(Beginning of Stored data)

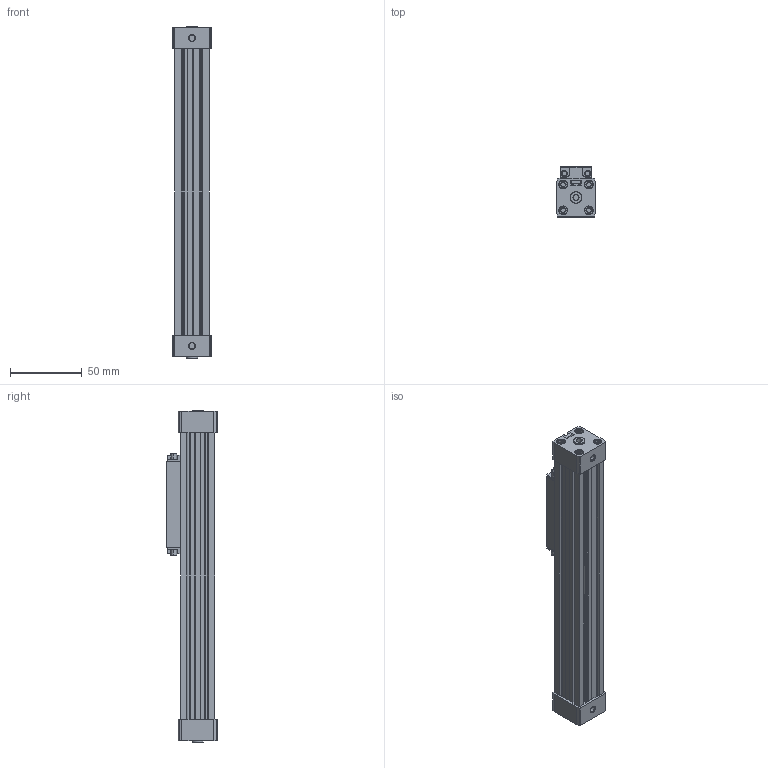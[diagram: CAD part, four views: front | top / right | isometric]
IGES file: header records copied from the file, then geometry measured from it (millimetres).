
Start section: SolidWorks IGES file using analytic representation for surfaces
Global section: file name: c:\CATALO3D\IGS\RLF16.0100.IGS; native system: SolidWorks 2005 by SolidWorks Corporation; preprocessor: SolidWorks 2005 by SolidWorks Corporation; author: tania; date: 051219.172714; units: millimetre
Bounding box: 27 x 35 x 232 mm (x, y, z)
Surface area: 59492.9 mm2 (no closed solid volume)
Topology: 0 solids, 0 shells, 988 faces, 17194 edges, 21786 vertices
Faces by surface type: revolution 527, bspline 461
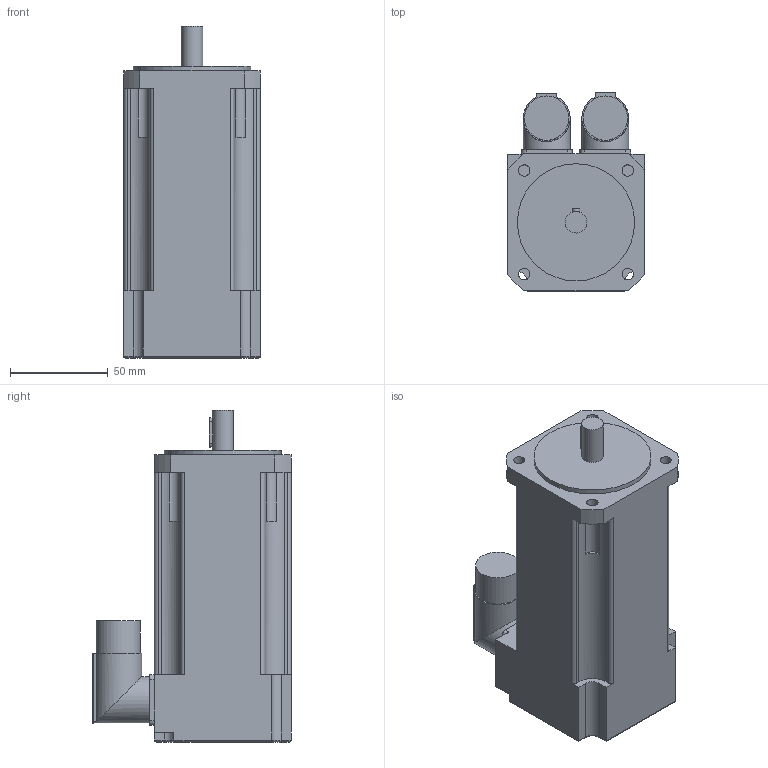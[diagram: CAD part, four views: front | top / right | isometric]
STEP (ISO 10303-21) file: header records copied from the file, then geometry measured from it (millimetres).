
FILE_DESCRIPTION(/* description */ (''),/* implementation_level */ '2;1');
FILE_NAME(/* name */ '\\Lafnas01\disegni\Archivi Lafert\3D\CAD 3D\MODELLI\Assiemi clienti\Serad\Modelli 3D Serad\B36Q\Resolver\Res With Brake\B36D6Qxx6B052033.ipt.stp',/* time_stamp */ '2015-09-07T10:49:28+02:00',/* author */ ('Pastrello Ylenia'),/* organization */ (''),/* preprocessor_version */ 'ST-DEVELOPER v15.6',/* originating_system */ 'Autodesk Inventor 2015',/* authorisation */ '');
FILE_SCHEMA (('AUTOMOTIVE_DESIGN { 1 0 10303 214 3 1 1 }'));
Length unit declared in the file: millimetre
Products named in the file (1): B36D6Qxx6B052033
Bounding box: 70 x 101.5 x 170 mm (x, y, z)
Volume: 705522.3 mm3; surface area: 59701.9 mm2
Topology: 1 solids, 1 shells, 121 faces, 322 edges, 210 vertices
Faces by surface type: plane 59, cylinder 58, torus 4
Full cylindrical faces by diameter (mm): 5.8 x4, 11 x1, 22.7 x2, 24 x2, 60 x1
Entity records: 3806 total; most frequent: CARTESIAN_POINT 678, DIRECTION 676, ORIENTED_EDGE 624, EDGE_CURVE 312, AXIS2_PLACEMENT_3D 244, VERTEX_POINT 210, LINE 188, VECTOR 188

(End of Stored data)

The records above, copied word for word without the pictures, are what should be output.

[diagram: CAD part, four views: front | top / right | isometric]
IGES file: header records copied from the file, then geometry measured from it (millimetres).
Start section: SolidWorks IGES file using analytic representation for surfaces
Global section: file name: c:\CATALO3D\IGS\RLF16.0100.IGS; native system: SolidWorks 2005 by SolidWorks Corporation; preprocessor: SolidWorks 2005 by SolidWorks Corporation; author: tania; date: 051219.172714; units: millimetre
Bounding box: 27 x 35 x 232 mm (x, y, z)
Surface area: 59492.9 mm2 (no closed solid volume)
Topology: 0 solids, 0 shells, 988 faces, 17194 edges, 21786 vertices
Faces by surface type: revolution 527, bspline 461
[diagram: CAD part, four views: front | top / right | isometric]
STEP (ISO 10303-21) file: header records copied from the file, then geometry measured from it (millimetres).
FILE_DESCRIPTION(/* description */ (''),/* implementation_level */ '2;1');
FILE_NAME(/* name */ '\\Lafnas01\disegni\Archivi Lafert\3D\CAD 3D\MODELLI\Assiemi clienti\Serad\Modelli 3D Serad\B36Q\Resolver\Res With Brake\B36D6Qxx6B052033.ipt.stp',/* time_stamp */ '2015-09-07T10:49:28+02:00',/* author */ ('Pastrello Ylenia'),/* organization */ (''),/* preprocessor_version */ 'ST-DEVELOPER v15.6',/* originating_system */ 'Autodesk Inventor 2015',/* authorisation */ '');
FILE_SCHEMA (('AUTOMOTIVE_DESIGN { 1 0 10303 214 3 1 1 }'));
Length unit declared in the file: millimetre
Products named in the file (1): B36D6Qxx6B052033
Bounding box: 70 x 101.5 x 170 mm (x, y, z)
Volume: 705522.3 mm3; surface area: 59701.9 mm2
Topology: 1 solids, 1 shells, 121 faces, 322 edges, 210 vertices
Faces by surface type: plane 59, cylinder 58, torus 4
Full cylindrical faces by diameter (mm): 5.8 x4, 11 x1, 22.7 x2, 24 x2, 60 x1
Entity records: 3806 total; most frequent: CARTESIAN_POINT 678, DIRECTION 676, ORIENTED_EDGE 624, EDGE_CURVE 312, AXIS2_PLACEMENT_3D 244, VERTEX_POINT 210, LINE 188, VECTOR 188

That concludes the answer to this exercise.